Feel free to leave your comment anonymously (well, people feel free to do that anyway). I don’t particularly trust my own experience since I feel that I was probably more independent than most as a graduate student, and was fairly happy working alone in my office (not to mention already having a number of collaborations ongoing with Kevin Buzzard and Matthew Emerton). Harvard was a welcoming and friendly place (to me), but my best interactions happened serendipitously more often than not. The initial seeds of my collaboration with Barry started by joining in conversations he was having with Romyar Sharifi and William Stein in front of their offices (all on the 5th floor I believe) discussing (early forms of) Sharifiology in the context of Barry’s paper on the Eisenstein ideal. I had a few lunches with Richard Taylor at the law school (I have a vague memory that I realized this was possible from Toby — could that be right?). Richard is definitely generous with his time, and (in this context) he was ideal for bouncing off ideas. On the other hand, I don’t think Richard’s style in mathematical conversation is to be very speculative; he certainly never suggested any particular problem to me but nor did I ask. My collaboration with Nathan surely started out by virtue of the fact that we would chat socially at tea time.

I can’t quite distill from my own experiences either any recommendations for new postdocs or specific recommendations for institutions (particularly the University of Chicago) to put things in place to improve the lives of postdocs. But perhaps you can help!
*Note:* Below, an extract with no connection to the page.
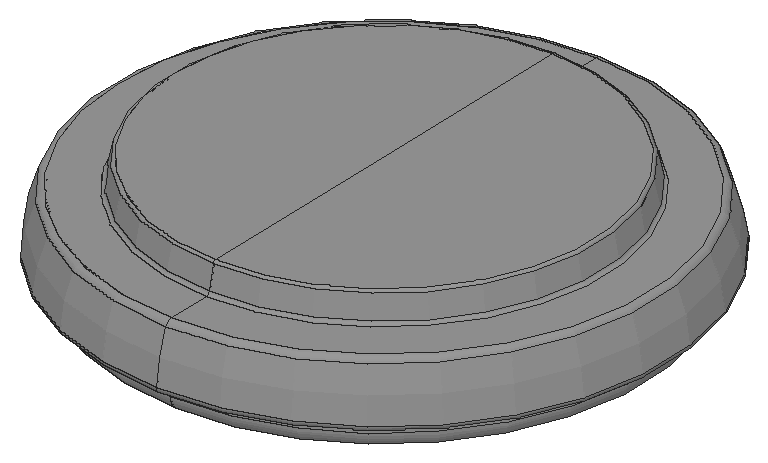
Revit family "FMK11_63_UN_Surface-mounted_ETK", category Lighting Fixtures, Revit 2017 (continued)
Definition of nested family "FMK.1 - Lightsource"
  Types (13, lengths in mm): name | Wattage Comments | Photometric Web File | built-in parameter 1150142 | Apparent Load
      82.7397\t271.7601\t260.7829\t249.8115\t238.199\t224.9904\t212.0355\t199.0916\r\n186.1571\t173.2273\t160.3064\t147.3979\t134.5054\t133.8004\t26.4433\t0\t0\t0\r\n0\t0\t0\t0\t0\t0\r\n405.3384\t404.7985\t404.2731\t402.9746\t400.9294\t398.9778\t395.1912\t391.2006\t387.1764\t383.1518\r\n379.3503\t373.2478\t366.6736\t360.0872\t353.4808\t347.1016\t338.8269\t329.9717\t321.1259\t312.2733\r\n303.6511\t293.3438\t282.42\t271.4857\t260.561\t249.8768\t237.5346\t224.5982\t211.6601\t198.736\r\n185.8092\t172.8976\t159.9952\t147.0924\t134.208\t131.9549\t19.0178\t0\t0\t0\r\n0\t0\t0\t0\t0\t0\r\n405.3384\t404.775\t404.2417\t402.941\t400.8877\t398.9141\t395.0686\t391.0953\t387.0939\t383.0703\r\n379.2465\t373.03\t366.4888\t359.9216\t353.3431\t346.971\t338.5451\t329.7328\t320.92\t312.0934\r\n303.4848\t293.0109\t282.1221\t271.2145\t260.3152\t249.6258\t237.1217\t224.202\t211.2903\t198.3835\r\n185.4706\t172.5647\t159.66\t146.7717\t133.8799\t129.6163\t13.1927\t0\t0\t0\r\n0\t0\t0\t0\t0\t0\r\n405.3384\t404.7527\t404.2068\t402.9019\t400.8767\t398.8558\t394.9637\t390.9782\t387.0011\t382.9988\r\n379.1382\t372.8305\t366.3205\t359.7944\t353.2392\t346.8416\t338.2971\t329.4929\t320.6819\t311.8859\r\n303.2565\t292.6827\t281.8284\t270.9715\t260.0963\t249.3876\t236.7404\t223.8309\t210.924\t198.0301\r\n185.1227\t172.2345\t159.3412\t146.4511\t133.5636\t127.1408\t8.7076\t0\t0\t0\r\n0\t0\t0\t0\t0\t0\r\n405.3384\t404.7317\t404.1685\t402.8573\t400.8341\t398.8203\t394.8729\t390.882\t386.8997\t382.9031\r\n379.0139\t372.6472\t366.1376\t359.6334\t353.1356\t346.7285\t338.0975\t329.2976\t320.4978\t311.7082\r\n303.0442\t292.3608\t281.5086\t270.6653\t259.8241\t249.1051\t236.3739\t223.483\t210.5936\t197.696\r\n184.8022\t171.9214\t159.0318\t146.1423\t133.2543\t124.7431\t5.3342\t0\t0\t0\r\n0\t0\t0\t0\t0\t0\r\n405.3384\t404.7118\t404.0854\t402.8071\t400.7827\t398.7607\t394.8082\t390.8197\t386.8117\t382.8145\r\n378.8745\t372.4566\t365.9558\t359.4647\t352.9636\t346.5217\t337.8337\t329.0692\t320.2987\t311.5096\r\n302.8013\t292.0593\t281.2296\t270.4093\t259.5758\t248.8064\t236.0021\t223.1017\t210.2133\t197.3263\r\n184.4407\t171.5452\t158.6583\t145.7732\t132.8917\t122.5723\t2.8944\t0\t0\t0\r\n0\t0\t0\t0\t0\t0\r\n405.3384\t404.6932\t404.0473\t402.7226\t400.7224\t398.6915\t394.7212\t390.7363\t386.7361\t382.7442\r\n378.7775\t372.3101\t365.7992\t359.3066\t352.8016\t346.3302\t337.6023\t328.8394\t320.0728\t311.2958\r\n302.561\t291.776\t280.951\t270.126\t259.3004\t248.5209\t235.6594\t222.7723\t209.8851\t196.9978\r\n184.1099\t171.2248\t158.3346\t145.4546\t132.5648\t120.8445\t1.2522\t0\t0\t0\r\n0\t0\t0\t0\t0\t0\r\n405.3384\t404.6757\t404.0125\t402.6704\t400.6365\t398.604\t394.6163\t390.6263\t386.6347\t382.642\r\n378.653\t372.1631\t365.664\t359.1642\t352.6514\t346.1579\t337.4057\t328.6338\t319.8737\t311.0997\r\n302.337\t291.5239\t280.7001\t269.8776\t259.0436\t248.2362\t235.3595\t222.4683\t209.58\t196.6886\r\n183.7994\t170.9097\t158.0181\t145.1276\t132.2357\t119.6415\t0.3076\t0\t0\t0\r\n0\t0\t0\t0\t0\t0\r\n405.3384\t404.6596\t403.9806\t402.6229\t400.5746\t398.5262\t394.5231\t390.5201\t386.5171\t382.514\r\n378.4993\t372.003\t365.4952\t358.999\t352.4911\t345.9949\t337.2046\t328.4142\t319.6239\t310.8453\r\n302.055\t291.2397\t280.4128\t269.5975\t258.7705\t247.9552\t235.0564\t222.1578\t209.2708\t196.372\r\n183.485\t170.5863\t157.6875\t144.8005\t131.9018\t119.0148\t0\t0\t0\t0\r\n0\t0\t0\t0\t0\t0\r\n405.3384\t404.6446\t403.952\t402.5799\t400.516\t398.4496\t394.4362\t390.4167\t386.393\t382.3765\r\n378.3639\t371.8594\t365.3463\t358.8345\t352.3221\t345.8186\t337.0218\t328.2282\t319.4233\t310.6293\r\n301.8361\t291.0019\t280.1697\t269.3256\t258.4827\t247.6533\t234.7581\t221.854\t208.9473\t196.0427\r\n183.1396\t170.2368\t157.3331\t144.4306\t131.5295\t118.923\t0.3058\t0\t0\t0\r\n0\t0\t0\t0\t0\t0\r\n405.3384\t404.6311\t403.9266\t402.5417\t400.4513\t398.3517\t394.3448\t390.3139\t386.2918\t382.2534\r\n378.238\t371.7358\t365.2058\t358.6709\t352.1332\t345.6284\t336.8455\t328.0252\t319.2071\t310.3886\r\n301.6022\t290.7741\t279.9105\t269.0599\t258.1993\t247.3735\t234.4901\t221.5727\t208.655\t195.7516\r\n182.8364\t169.9224\t157.0186\t144.1096\t131.2095\t119.4546\t1.2376\t0\t0\t0\r\n0\t0\t0\t0\t0\t0\r\n405.3384\t404.6189\t403.9044\t402.5099\t400.4048\t398.3042\t394.3046\t390.2607\t386.2346\t382.1535\r\n378.1197\t371.6271\t365.0667\t358.4953\t351.9348\t345.4342\t336.6778\t327.8251\t318.988\t310.1383\r\n301.3588\t290.557\t279.6705\t268.7827\t257.8964\t247.0828\t234.2295\t221.3067\t208.3745\t195.4454\r\n182.519\t169.6057\t156.6841\t143.7663\t130.8565\t120.461\t2.8438\t0\t0\t0\r\n0\t0\t0\t0\t0\t0\r\n405.3384\t404.608\t403.906\t402.4809\t400.3686\t398.2825\t394.3364\t390.2509\t386.1403\t382.0139\r\n377.9719\t371.5145\t364.9316\t358.3331\t351.741\t345.2569\t336.5322\t327.65\t318.7717\t309.893\r\n301.122\t290.3538\t279.4296\t268.5063\t257.6005\t246.812\t234.0133\t221.0577\t208.1226\t195.1708\r\n182.233\t169.2892\t156.3621\t143.428\t130.5101\t121.8491\t5.2081\t0\t0\t0\r\n0\t0\t0\t0\t0\t0\r\n405.3384\t404.5983\t403.8876\t402.4562\t400.3424\t398.3285\t394.312\t390.1748\t386.0001\t381.8499\r\n377.8465\t371.4423\t364.8155\t358.179\t351.5314\t345.0554\t336.4015\t327.4708\t318.5324\t309.5879\r\n300.8096\t290.1067\t279.1611\t268.2305\t257.289\t246.5037\t233.7899\t220.8066\t207.8411\t194.873\r\n181.9286\t168.9735\t156.0235\t143.0925\t130.1555\t123.4873\t8.4517\t0\t0\t0\r\n0\t0\t0\t0\t0\t0\r\n405.3384\t404.5901\t403.8694\t402.4354\t400.3632\t398.2964\t394.2634\t390.0534\t385.8948\t381.7277\r\n377.7335\t371.3662\t364.6894\t358.0074\t351.3178\t344.8397\t336.2562\t327.2573\t318.2671\t309.292\r\n300.5434\t289.9663\t278.9733\t267.9846\t257.0011\t246.2424\t233.6423\t220.6376\t207.6416\t194.6527\r\n181.66\t168.6794\t155.7053\t142.752\t129.7991\t125.1546\t12.7273\t0\t0\t0\r\n0\t0\t0\t0\t0\t0\r\n405.3384\t404.5832\t403.8511\t402.4184\t400.3294\t398.2373\t394.1753\t389.9932\t385.8207\t381.5858\r\n377.5585\t371.29\t364.5766\t357.8427\t351.0774\t344.5671\t336.1252\t327.126\t318.0989\t309.0717\r\n300.2725\t289.8361\t278.7856\t267.7468\t256.7121\t245.9428\t233.5014\t220.4496\t207.42\t194.3931\r\n181.3835\t168.3751\t155.3885\t142.4223\t129.4696\t126.6674\t18.2327\t0\t0\t0\r\n0\t0\t0\t0\t0\t0\r\n405.3384\t404.6161\t403.833\t402.4338\t400.2812\t398.117\t394.1504\t389.9734\t385.7276\t381.4258\r\n377.3816\t371.2392\t364.4718\t357.6674\t350.8628\t344.3271\t336.3727\t327.0146\t317.9224\t308.8102\r\n299.6801\t289.9237\t278.5829\t267.4993\t256.4203\t245.3261\t233.5789\t220.2411\t207.1712\t194.1138\r\n181.0807\t168.0584\t155.0612\t142.0858\t129.1328\t127.7426\t25.2025\t0\t0\t0\r\n0\t0\t0\t0\t0\t0\r\n405.3384\t404.6105\t403.8147\t402.4101\t400.2194\t398.0503\t394.1642\t389.934\t385.6217\t381.2896\r\n377.1953\t371.2003\t364.3795\t357.5497\t350.6777\t343.7901\t336.3331\t326.9098\t317.7336\t308.5378\r\n299.3341\t289.7717\t278.414\t267.2406\t256.0784\t244.9306\t233.4048\t220.0844\t206.987\t193.9063\r\n180.8452\t167.8011\t154.7799\t141.7801\t128.7982\t128.0121\t33.8934\t0\t0\t0\r\n0\t0\t0\t0\t0\t0\r\n405.3384\t404.605\t403.7961\t402.3797\t400.115\t397.9929\t394.1749\t389.882\t385.5568\t381.1715\r\n376.6631\t371.4951\t364.3355\t357.4079\t350.4678\t343.5064\t336.2424\t326.8117\t317.5627\t308.2892\r\n298.9902\t289.5725\t278.2428\t267.0234\t255.8103\t244.5868\t233.2271\t219.9634\t206.8227\t193.6957\r\n180.6021\t167.5443\t154.4957\t141.4702\t128.4705\t115.505\t70.026\t0\t0\t0\r\n0\t0\t0\t0\t0\t0\r\n405.3384\t404.5994\t403.7772\t402.343\t400.0582\t397.9547\t394.1952\t389.8748\t385.5291\t380.979\r\n376.4372\t371.47\t364.2569\t357.2705\t350.2636\t343.2284\t336.1012\t326.741\t317.3967\t308.0368\r\n298.6712\t289.3725\t278.1474\t266.8135\t255.5191\t244.2436\t233.0342\t219.8906\t206.6977\t193.5207\r\n180.3828\t167.2783\t154.2217\t141.1824\t128.1722\t115.1956\t80.4414\t0\t0\t0\r\n0\t0\t0\t0\t0\t0\r\n405.3384\t404.594\t403.7665\t402.3007\t400.0104\t397.8946\t394.467\t389.9452\t385.4255\t380.805\r\n376.2179\t371.3573\t364.2027\t357.1507\t350.0679\t342.9438\t335.905\t326.68\t317.25\t307.8176\r\n298.3724\t289.0673\t278.0222\t266.6515\t255.3003\t243.9401\t232.7582\t219.8133\t206.5867\t193.3789\r\n180.2056\t167.0687\t153.966\t140.8994\t127.8726\t114.8827\t90.1164\t0\t0\t0\r\n0\t0\t0\t0\t0\t0\r\n405.3384\t404.5889\t403.7442\t402.2253\t399.9717\t397.8259\t394.5256\t389.9394\t385.2649\t380.6538\r\n375.9641\t371.2248\t364.1789\t357.067\t349.8977\t342.6677\t335.6288\t326.6532\t317.1531\t307.6244\r\n298.0542\t288.478\t278.2469\t266.5399\t255.0597\t243.6182\t232.4332\t219.7955\t206.4902\t193.2133\r\n180.0012\t166.821\t153.6857\t140.5957\t127.5588\t114.5661\t98.6146\t0\t0\t0\r\n0\t0\t0\t0\t0\t0\r\n405.3384\t404.5838\t403.7204\t402.1836\t399.9493\t397.495\t394.6576\t389.8387\t385.1686\t380.5014\r\n375.729\t371.0605\t364.1878\t357.0066\t349.7365\t342.3831\t334.9798\t326.9611\t317.1042\t307.4527\r\n297.7974\t288.1146\t278.1369\t266.4125\t254.8729\t243.3316\t231.7822\t219.9393\t206.403\t193.0914\r\n179.8299\t166.6203\t153.466\t140.3518\t127.2713\t114.2585\t105.3682\t0\t0\t0\r\n0\t0\t0\t0\t0\t0\r\n405.3384\t404.579\t403.6953\t402.1453\t400.0044\t397.4328\t394.6846\t389.7831\t385.1052\t380.3588\r\n375.5172\t370.8454\t364.2472\t356.9647\t349.5864\t342.1389\t334.6459\t326.9338\t317.0698\t307.3364\r\n297.5463\t287.7394\t277.9639\t266.3589\t254.7041\t243.037\t231.404\t219.803\t206.3799\t193.0247\r\n179.6747\t166.415\t153.2216\t140.0873\t127.0126\t113.9921\t109.8199\t9.0426\t0\t0\r\n0\t0\t0\t0\t0\t0\r\n405.3384\t404.5744\t403.6691\t402.1103\t399.9781\t397.3776\t394.6495\t389.7577\t385.0555\t380.2439\r\n375.3168\t370.2787\t364.5973\t356.9471\t349.4699\t341.9308\t334.3338\t326.7694\t317.1018\t307.2337\r\n297.342\t287.4211\t277.6928\t266.3301\t254.5511\t242.8085\t231.0731\t219.5536\t206.3499\t192.9347\r\n179.5687\t166.2649\t153.016\t139.8234\t126.726\t113.6905\t111.2803\t21.7073\t0\t0\r\n0\t0\t0\t0\t0\t0\r\n405.3384\t404.57\t403.6421\t402.0785\t399.9533\t397.3665\t394.4977\t389.7642\t385.0355\t380.1533\r\n375.1312\t370.0104\t364.5699\t356.9602\t349.3932\t341.7532\t334.0283\t326.4707\t317.1654\t307.1994\r\n297.1718\t287.133\t277.0299\t266.5617\t254.4718\t242.5962\t230.7316\t218.9364\t206.6337\t192.9105\r\n179.4434\t166.087\t152.7988\t139.6068\t126.4833\t113.4569\t100.4945\t60.079\t0\t0\r\n0\t0\t0\t0\t0\t0\r\n405.3384\t404.5661\t403.6144\t402.0512\t399.9354\t397.2997\t394.4018\t389.8025\t385.0322\t380.0745\r\n374.9814\t369.7443\t364.4545\t357.0142\t349.3678\t341.6146\t333.7412\t325.8005\t317.4989\t307.1996\r\n297.0754\t286.8649\t276.6591\t266.3928\t254.4188\t242.4545\t230.4861\t218.5355\t206.5242\t192.8964\r\n179.3794\t165.9637\t152.639\t139.4008\t126.2545\t113.2052\t100.2394\t75.4175\t0\t0\r\n0\t0\t0\t0\t0\t0\r\n405.3384\t404.5625\t403.5863\t402.0218\t399.9104\t397.2171\t394.3045\t389.8927\t385.0511\t380.0149\r\n374.8455\t369.4904\t364.2419\t357.1219\t349.384\t341.4901\t333.5186\t325.4314\t317.3612\t307.2899\r\n297.0022\t286.6805\t276.276\t266.1102\t254.4772\t242.3425\t230.2194\t218.174\t206.3008\t192.9174\r\n179.3579\t165.8762\t152.4972\t139.2127\t126.0328\t112.9621\t100.0093\t87.0551\t0\t0\r\n0\t0\t0\t0\t0\t0\r\n405.3384\t404.5593\t403.5488\t401.9935\t399.8835\t397.1246\t394.2037\t390.2303\t385.0913\t379.9896\r\n374.7291\t369.2488\t363.6276\t357.5035\t349.4258\t341.4412\t333.3238\t325.0865\t317.0691\t307.6993\r\n297.0161\t286.5013\t276.02\t265.4718\t254.6844\t242.2835\t230.06\t217.8462\t205.7159\t193.2069\r\n179.3627\t165.7938\t152.3453\t139.0419\t125.8422\t112.7623\t99.7796\t94.113\t0.6105\t0\r\n0\t0\t0\t0\t0\t0\r\n405.3384\t404.5567\t403.4347\t401.9663\t399.8542\t396.9916\t393.8623\t390.3025\t385.1493\t379.9968\r\n374.6293\t369.0482\t363.3058\t357.4798\t349.5307\t341.4245\t333.1708\t324.8183\t316.3472\t307.7332\r\n297.0531\t286.4824\t275.7917\t265.0603\t254.4821\t242.3206\t229.9441\t217.6132\t205.3254\t193.1091\r\n179.3748\t165.764\t152.2793\t138.8941\t125.6464\t112.5384\t99.5694\t86.7243\t14.0692\t0\r\n0\t0\t0\t0\t0\t0\r\n405.3384\t404.5544\t403.4109\t401.9397\t399.8279\t396.9235\t393.766\t390.3402\t385.2395\t380.0227\r\n374.5426\t368.8806\t363.0291\t357.2464\t350.0081\t341.4712\t333.0914\t324.5758\t315.9704\t307.4474\r\n297.2703\t286.4865\t275.6403\t264.756\t253.843\t242.607\t229.9008\t217.4057\t204.9789\t192.7969\r\n179.4987\t165.7588\t152.175\t138.7541\t125.4881\t112.3504\t99.3709\t86.5437\t51.9517\t0\r\n0\t0\t0\t0\t0\t0\r\n405.3384\t404.5528\t403.3896\t401.9136\t399.7913\t396.957\t393.6984\t390.3419\t385.3606\t380.0818\r\n374.5\t368.7496\t362.7919\t356.6028\t350.0626\t341.5854\t333.0658\t324.4216\t315.6059\t306.7421\r\n297.6344\t286.5955\t275.5812\t264.5172\t253.4454\t242.4387\t229.9497\t217.306\t204.7451\t192.2166\r\n179.6744\t165.7968\t152.1564\t138.646\t125.329\t112.1759\t99.1985\t86.3772\t68.9502\t0\r\n0\t0\t0\t0\t0\t0\r\n405.3384\t404.5516\t403.3711\t401.8875\t399.7527\t396.9277\t393.6298\t390.2999\t385.7547\t380.1611\r\n374.5012\t368.6583\t362.5687\t356.2748\t349.9304\t341.7568\t333.1054\t324.2991\t315.3601\t306.3451\r\n297.4021\t286.7961\t275.6181\t264.4085\t253.1166\t241.8373\t230.2463\t217.3133\t204.529\t191.8469\r\n179.4606\t165.8616\t152.1382\t138.5889\t125.1903\t112.0098\t99.0178\t86.2149\t79.0059\t0\r\n0\t0\t0\t0\t0\t0\r\n405.3384\t404.5303\t403.3553\t401.8645\t399.7131\t396.9209\t393.5723\t390.1989\t385.8711\t380.2535\r\n374.5458\t368.6079\t362.4015\t355.9658\t349.3036\t342.1689\t333.2403\t324.278\t315.2144\t305.9895\r\n296.6392\t287.1356\t275.8011\t264.3885\t252.9357\t241.4441\t230.1178\t217.3521\t204.4354\t191.5936\r\n178.8542\t166.1287\t152.1585\t138.5008\t125.0791\t111.8622\t98.8722\t86.0895\t73.5113\t5.8064\r\n0\t0\t0\t0\t0\t0\r\n405.3384\t404.5303\t403.3424\t401.8359\t399.6738\t396.904\t393.5271\t389.8272\t385.9412\t380.4009\r\n374.6452\t368.602\t362.2897\t355.7113\t348.9026\t342.0438\t333.4533\t324.356\t315.1404\t305.736\r\n296.21\t286.8176\t276.3248\t264.5084\t252.8679\t241.1993\t229.4494\t217.6364\t204.4484\t191.4377\r\n178.5308\t165.8585\t152.2347\t138.4866\t125.0067\t111.7492\t98.7341\t85.9681\t73.4427\t41.0177\r\n0\t0\t0\t0\t0\t0\r\n405.3384\t404.5314\t403.3323\t401.8066\t399.6355\t396.8882\t393.4998\t389.7256\t385.9264\t380.8323\r\n374.7825\t368.6476\t362.2247\t355.5179\t348.5777\t341.3716\t333.8428\t324.5619\t315.1649\t305.6139\r\n295.8944\t286.068\t276.276\t264.795\t252.9611\t241.028\t229.1012\t217.1796\t204.5856\t191.3702\r\n178.2755\t165.3108\t152.4401\t138.5329\t124.9629\t111.6537\t98.6364\t85.8681\t73.3923\t59.4422\r\n0\t0\t0\t0\t0\t0\r\n405.3384\t404.5334\t403.3254\t401.7768\t399.5834\t396.8724\t393.5563\t389.6813\t385.8296\t380.9686\r\n374.9634\t368.7467\t362.223\t355.3988\t348.3247\t340.9663\t333.6105\t325.0909\t315.3013\t305.5958\r\n295.7167\t285.6879\t275.5196\t265.2641\t253.1643\t241.0284\t228.9013\t216.7619\t204.7197\t191.4431\r\n178.1426\t165.025\t152.054\t138.6238\t124.949\t111.5808\t98.5317\t85.7999\t73.3521\t67.4468\r\n0\t0\t0\t0\t0\t0\r\n405.3384\t404.5367\t403.3213\t401.747\t399.553\t396.8551\t393.5253\t389.642\t385.4196\t381.0143\r\n375.4341\t368.8936\t362.2811\t355.3633\t348.149\t340.6463\t332.8952\t325.0567\t315.6054\t305.7209\r\n295.6694\t285.4283\t275.0861\t264.6206\t253.7214\t241.2356\t228.8857\t216.5051\t204.1542\t191.7482\r\n178.1912\t164.8347\t151.6841\t138.7372\t124.9638\t111.5467\t98.4431\t85.7156\t73.3308\t61.2799\r\n6.6224\t0\t0\t0\t0\t0\r\n405.3384\t404.541\t403.3206\t401.7173\t399.5263\t396.8348\t393.4891\t389.6228\t385.3035\t380.9705\r\n375.6064\t369.1065\t362.3871\t355.4019\t348.059\t340.4189\t332.5297\t324.353\t315.9992\t306.0013\r\n295.7691\t285.3359\t274.8118\t264.0762\t253.4617\t241.8475\t229.0559\t216.4579\t203.8582\t191.3277\r\n178.4886\t164.7975\t151.4218\t138.2923\t125.0643\t111.5119\t98.3871\t85.6566\t73.3292\t61.3845\r\n41.3401\t0\t0\t0\t0\t0\r\n405.3384\t404.7046\t403.3351\t401.6085\t399.5025\t396.8106\t393.4101\t389.6964\t385.2267\t380.5909\r\n375.6608\t369.6146\t362.5887\t355.5216\t348.0628\t340.3035\t332.2796\t323.9612\t315.3815\t306.4951\r\n296.0045\t285.4293\t274.6916\t263.7186\t252.6951\t241.7657\t229.4357\t216.6186\t203.7814\t190.9543\r\n178.3774\t164.9054\t151.3423\t137.993\t125.0188\t111.5486\t98.3549\t85.6161\t73.3518\t61.5005\r\n54.5145\t0\t0\t0\t0\t0\r\n405.3384\t404.7094\t403.3409\t401.5892\t399.4806\t396.7853\t393.3861\t389.647\t385.1911\t380.4752\r\n375.5799\t369.7733\t362.8838\t355.7241\t348.1677\t340.311\t332.135\t323.6844\t314.9275\t305.9445\r\n296.5192\t285.7241\t274.7325\t263.6059\t252.3232\t240.938\t229.682\t217.0354\t203.8964\t190.8667\r\n177.8483\t165.1045\t151.4128\t137.8197\t124.5862\t111.6542\t98.3596\t85.6026\t73.3081\t61.567\r\n50.2719\t0\t0\t0\t0\t0\r\n405.3384\t404.7141\t403.3495\t401.5769\t399.4597\t396.7589\t393.3787\t389.6141\t385.2819\t380.3954\r\n375.1982\t369.7519\t363.3915\t356.0194\t348.3778\t340.4279\t332.1175\t323.54\t314.6307\t305.4612\r\n295.9656\t286.2757\t275.0119\t263.7288\t252.2133\t240.5678\t228.8725\t217.2219\t204.3601\t191.0024\r\n177.7549\t164.5951\t151.6169\t137.856\t124.3917\t111.3335\t98.3751\t85.5165\t73.2932\t61.597\r\n50.4839\t26.8985\t0\t0\t0\t0\r\n405.3384\t404.7188\t403.3611\t401.5899\t399.4393\t396.7318\t393.3783\t389.5778\t385.2799\t380.4048\r\n375.1029\t369.354\t363.4329\t356.5509\t348.7107\t340.6772\t332.2579\t323.5399\t314.5046\t305.1188\r\n295.5188\t285.63\t275.5222\t264.0384\t252.342\t240.479\t228.5121\t216.4262\t204.4988\t191.6613\r\n177.9175\t164.4704\t151.1862\t138.14\t124.3921\t111.0641\t98.3014\t85.4755\t73.1886\t61.5768\r\n50.6169\t43.8035\t0\t0\t0\t0\r\n405.3384\t404.7234\t403.3758\t401.5932\t399.3558\t396.7043\t393.383\t389.5381\t385.271\t380.3873\r\n375.0389\t369.2482\t363.0412\t356.6073\t349.2775\t341.0511\t332.5546\t323.7019\t314.5615\t305.0088\r\n295.2657\t285.1407\t274.8439\t264.3864\t252.9603\t240.7003\t228.4626\t216.1193\t203.7058\t191.2839\r\n178.5866\t164.7027\t151.1153\t137.7422\t124.6359\t111.0334\t97.9491\t85.3922\t73.0802\t61.4885\r\n50.6435\t40.5048\t0\t0\t0\t0\r\n405.3384\t404.7278\t403.3938\t401.6032\t399.3484\t396.6726\t393.3886\t389.4997\t385.2549\t380.3738\r\n375.1114\t369.2206\t362.9224\t356.2011\t349.3184\t341.6044\t333.2293\t324.0355\t314.7893\t305.1249\r\n295.2219\t284.9551\t274.4342\t263.6396\t252.6034\t241.2841\t228.7342\t216.1549\t203.4536\t190.7548\r\n178.0519\t165.358\t151.3808\t137.7373\t124.3116\t111.2524\t97.8365\t85.0967\t72.89\t61.3103\r\n50.5893\t40.6649\t9.0488\t0\t0\t0\r\n405.3384\t404.7319\t403.4151\t401.6204\t399.

Posted in Mathematics | | 4 Comments

Local-global compatibility for imaginary quadratic fields

One of the key steps in the 10-author paper is to prove results on local-global compatibility for Galois representations associated to torsion classes. The results proved in that paper, unfortunately, fall well-short of the optimal desired local-global compatibility statement, because there are very restrictive conditions on how the relevant primes interact with the corresponding CM field F/F^+. This is not a difficulty when it comes to modularity lifting providing one can replace F by a solvable CM extension H/F where all the required hypotheses hold. However, there are certainly other circumstances where one would like to work with a fixed F without making such a base change. One particularly interesting case is the case when the maximal totally real subfield F^+ is the rational numbers, or equivalently when F is an imaginary quadratic field. There are many reasons to be interested in this case in particular; it relates to classically studied objects (Bianchi groups) and it’s one of the very few contexts in which we have optimal results about which homology groups can have interesting torsion (in this case, you only have torsion in degree one). So how restrictive are the local-global theorems in this case? The answer is pretty restrictive — that is, they never apply directly. If one is happy to restrict to residual representations, however, then there are cheats in some cases.

For example:

Lemma: Let F be an imaginary quadratic field in which p > 3 splits, and suppose that $\Gamma$ is a congruence subgroup of $\mathrm{GL}_2(\mathcal{O}_F)$ of level N prime to p. Let $\displaystyle{\overline{\rho}: G_F \rightarrow \mathrm{GL}_2(\overline{\mathbf{F}}_p)}$

be a semi-simple Galois representation associated to a Hecke eigenclass in $H_1(\Gamma,\overline{\mathbf{F}}_p).$
Assume that the image of this representation contains SL_2(F_p). Then $\overline{\rho}$ is finite flat at primes dividing p.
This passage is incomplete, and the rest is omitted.